Desmond continued to stare up at the sky.

“Do you think you’ll come back home,” I asked, “after the war?”

He looked thoughtful for a moment. “I don’t know. When I was a boy, Mum would take me out here and we’d talk about life and where I might end up when I became a man. She told me never to stop searching until I find my true north.”

“Your true north?”

“She wasn’t talking about a direction, in the longitudinal sense, but rather finding my way, my place in life, the intersection of life and love. My truth.” He paused, turning to me. “The day I stepped off the ship in Liverpool,” he said, “I made a promise to myself.”

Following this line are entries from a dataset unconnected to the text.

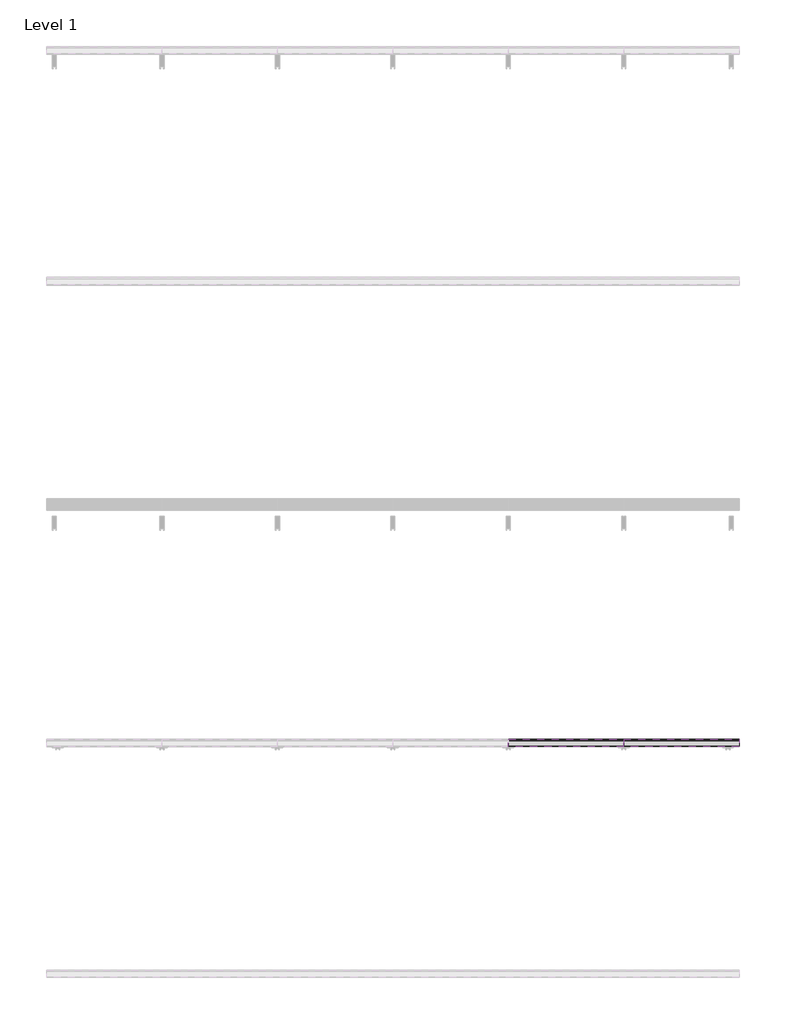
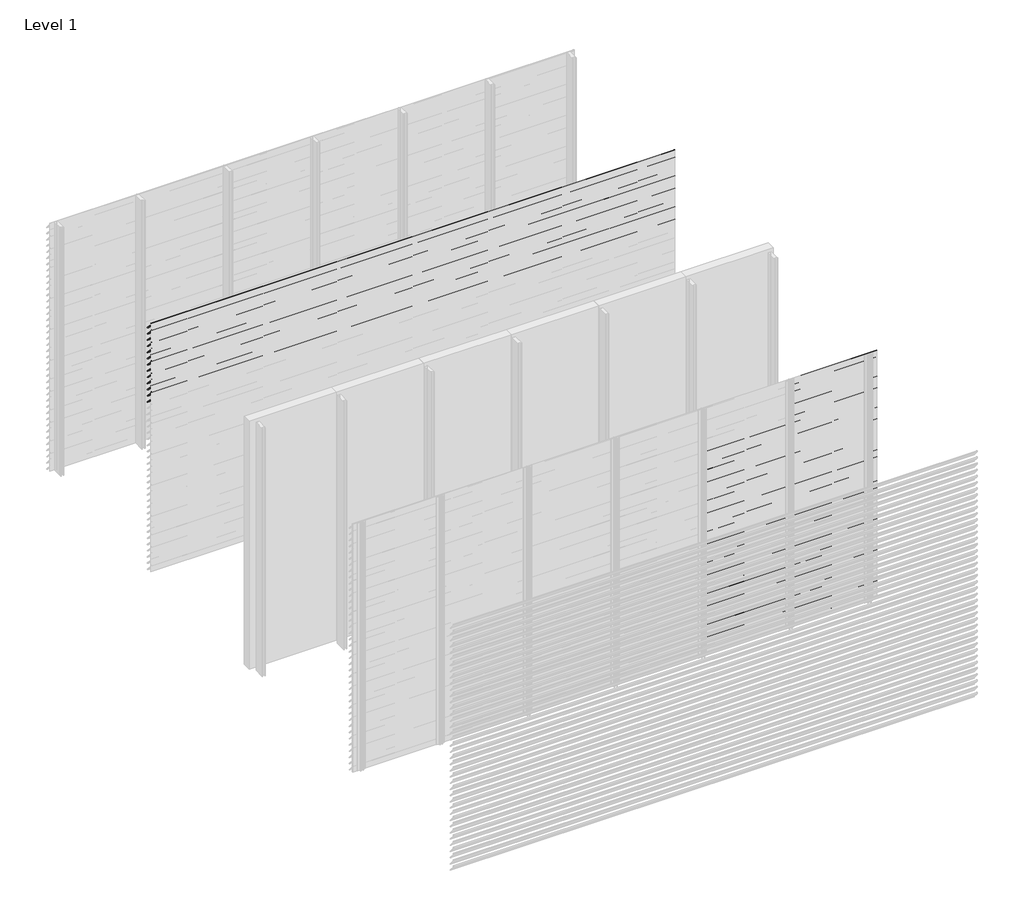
# One storey, part 6 of 35: 86 proxies.
"""IFC4 building model written with IfcOpenShell, lengths in millimetres."""

from ifc_helpers import new_model, si_unit, frame, origin, place, context, project, spatial, polyline, outline, extrude, element, save

model = new_model("IFC4")

# Units and contexts
model_context = context("Model", 3, world=origin())
ifc_project = project(units=[si_unit("LENGTHUNIT", "METRE", prefix="MILLI")], contexts=[model_context])

# Site, building, storey
site = spatial("IfcSite", under=ifc_project)
building = spatial("IfcBuilding", under=site)
storey = spatial("IfcBuildingStorey", under=building, Name="Level 1", Elevation=0.0)

# Proxies
placement = place(None, origin())
element("IfcBuildingElementProxy", 1, Name="Wall Sweeps", at=placement, inside=storey, context=model_context, shape_type="SweptSolid", body=[
    extrude(outline(polyline([(-49996.5, 3000.0), (-49996.5, 2985.5463701), (-49934.5, 2913.9330051), (-49934.5, 2910.4), (-49936.0, 2910.4), (-49936.0, 2913.3738975), (-49998.0, 2984.9872626), (-49998.0, 3000.0), (-49996.5, 3000.0)])), frame((0.0, 0.0, 0.0), z_axis=(1.0, 0.0, 0.0), x_axis=(0.0, 1.0, 0.0)), (0.0, 0.0, 1.0), 6000.0),
])
element("IfcBuildingElementProxy", 2, Name="Wall Sweeps", at=placement, inside=storey, context=model_context, shape_type="SweptSolid", body=[
    extrude(outline(polyline([(-49996.5, 2925.0), (-49996.5, 2910.5463701), (-49934.5, 2838.9330051), (-49934.5, 2835.4), (-49936.0, 2835.4), (-49936.0, 2838.3738975), (-49998.0, 2909.9872626), (-49998.0, 2925.0), (-49996.5, 2925.0)])), frame((0.0, 0.0, 0.0), z_axis=(1.0, 0.0, 0.0), x_axis=(0.0, 1.0, 0.0)), (0.0, 0.0, 1.0), 6000.0),
])
element("IfcBuildingElementProxy", 3, Name="Wall Sweeps", at=placement, inside=storey, context=model_context, shape_type="SweptSolid", body=[
    extrude(outline(polyline([(-49996.5, 2850.0), (-49996.5, 2835.5463701), (-49934.5, 2763.9330051), (-49934.5, 2760.4), (-49936.0, 2760.4), (-49936.0, 2763.3738975), (-49998.0, 2834.9872626), (-49998.0, 2850.0), (-49996.5, 2850.0)])), frame((0.0, 0.0, 0.0), z_axis=(1.0, 0.0, 0.0), x_axis=(0.0, 1.0, 0.0)), (0.0, 0.0, 1.0), 6000.0),
])
element("IfcBuildingElementProxy", 4, Name="Wall Sweeps", at=placement, inside=storey, context=model_context, shape_type="SweptSolid", body=[
    extrude(outline(polyline([(-49996.5, 2775.0), (-49996.5, 2760.5463701), (-49934.5, 2688.9330051), (-49934.5, 2685.4), (-49936.0, 2685.4), (-49936.0, 2688.3738975), (-49998.0, 2759.9872626), (-49998.0, 2775.0), (-49996.5, 2775.0)])), frame((0.0, 0.0, 0.0), z_axis=(1.0, 0.0, 0.0), x_axis=(0.0, 1.0, 0.0)), (0.0, 0.0, 1.0), 6000.0),
])
element("IfcBuildingElementProxy", 5, Name="Wall Sweeps", at=placement, inside=storey, context=model_context, shape_type="SweptSolid", body=[
    extrude(outline(polyline([(-49996.5, 2700.0), (-49996.5, 2685.5463701), (-49934.5, 2613.9330051), (-49934.5, 2610.4), (-49936.0, 2610.4), (-49936.0, 2613.3738975), (-49998.0, 2684.9872626), (-49998.0, 2700.0), (-49996.5, 2700.0)])), frame((0.0, 0.0, 0.0), z_axis=(1.0, 0.0, 0.0), x_axis=(0.0, 1.0, 0.0)), (0.0, 0.0, 1.0), 6000.0),
])
element("IfcBuildingElementProxy", 6, Name="Wall Sweeps", at=placement, inside=storey, context=model_context, shape_type="SweptSolid", body=[
    extrude(outline(polyline([(-49996.5, 2625.0), (-49996.5, 2610.5463701), (-49934.5, 2538.9330051), (-49934.5, 2535.4), (-49936.0, 2535.4), (-49936.0, 2538.3738975), (-49998.0, 2609.9872626), (-49998.0, 2625.0), (-49996.5, 2625.0)])), frame((0.0, 0.0, 0.0), z_axis=(1.0, 0.0, 0.0), x_axis=(0.0, 1.0, 0.0)), (0.0, 0.0, 1.0), 6000.0),
])
element("IfcBuildingElementProxy", 7, Name="Wall Sweeps", at=placement, inside=storey, context=model_context, shape_type="SweptSolid", body=[
    extrude(outline(polyline([(-49996.5, 2550.0), (-49996.5, 2535.5463701), (-49934.5, 2463.9330051), (-49934.5, 2460.4), (-49936.0, 2460.4), (-49936.0, 2463.3738975), (-49998.0, 2534.9872626), (-49998.0, 2550.0), (-49996.5, 2550.0)])), frame((0.0, 0.0, 0.0), z_axis=(1.0, 0.0, 0.0), x_axis=(0.0, 1.0, 0.0)), (0.0, 0.0, 1.0), 6000.0),
])
element("IfcBuildingElementProxy", 8, Name="Wall Sweeps", at=placement, inside=storey, context=model_context, shape_type="SweptSolid", body=[
    extrude(outline(polyline([(-49996.5, 2475.0), (-49996.5, 2460.5463701), (-49934.5, 2388.9330051), (-49934.5, 2385.4), (-49936.0, 2385.4), (-49936.0, 2388.3738975), (-49998.0, 2459.9872626), (-49998.0, 2475.0), (-49996.5, 2475.0)])), frame((0.0, 0.0, 0.0), z_axis=(1.0, 0.0, 0.0), x_axis=(0.0, 1.0, 0.0)), (0.0, 0.0, 1.0), 6000.0),
])
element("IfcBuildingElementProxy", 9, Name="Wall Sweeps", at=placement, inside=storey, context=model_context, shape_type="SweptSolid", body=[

I looked up at him curiously, with a shy smile, and waited for him to finish.

“I promised that if I ever saw you again, I’d make sure I never let you out of my sight.”

His words surprised me, and yet they were heartfelt. I knew, because I felt that way too. I searched his face. “What are you saying?”

“I mean that after the war, after all of this is behind us, I want to spend every day of my life with you, Flora Lewis.”

My mouth fell open. “Do you really mean that?”

“With all my heart,” he said, kissing me tenderly.

I hardly knew him, of course. But I knew I loved him, perhaps from the moment I’d first seen him.

“Make me the happiest man,” he said, “and promise me you’ll wait for me. Promise me you’ll be here after the war.”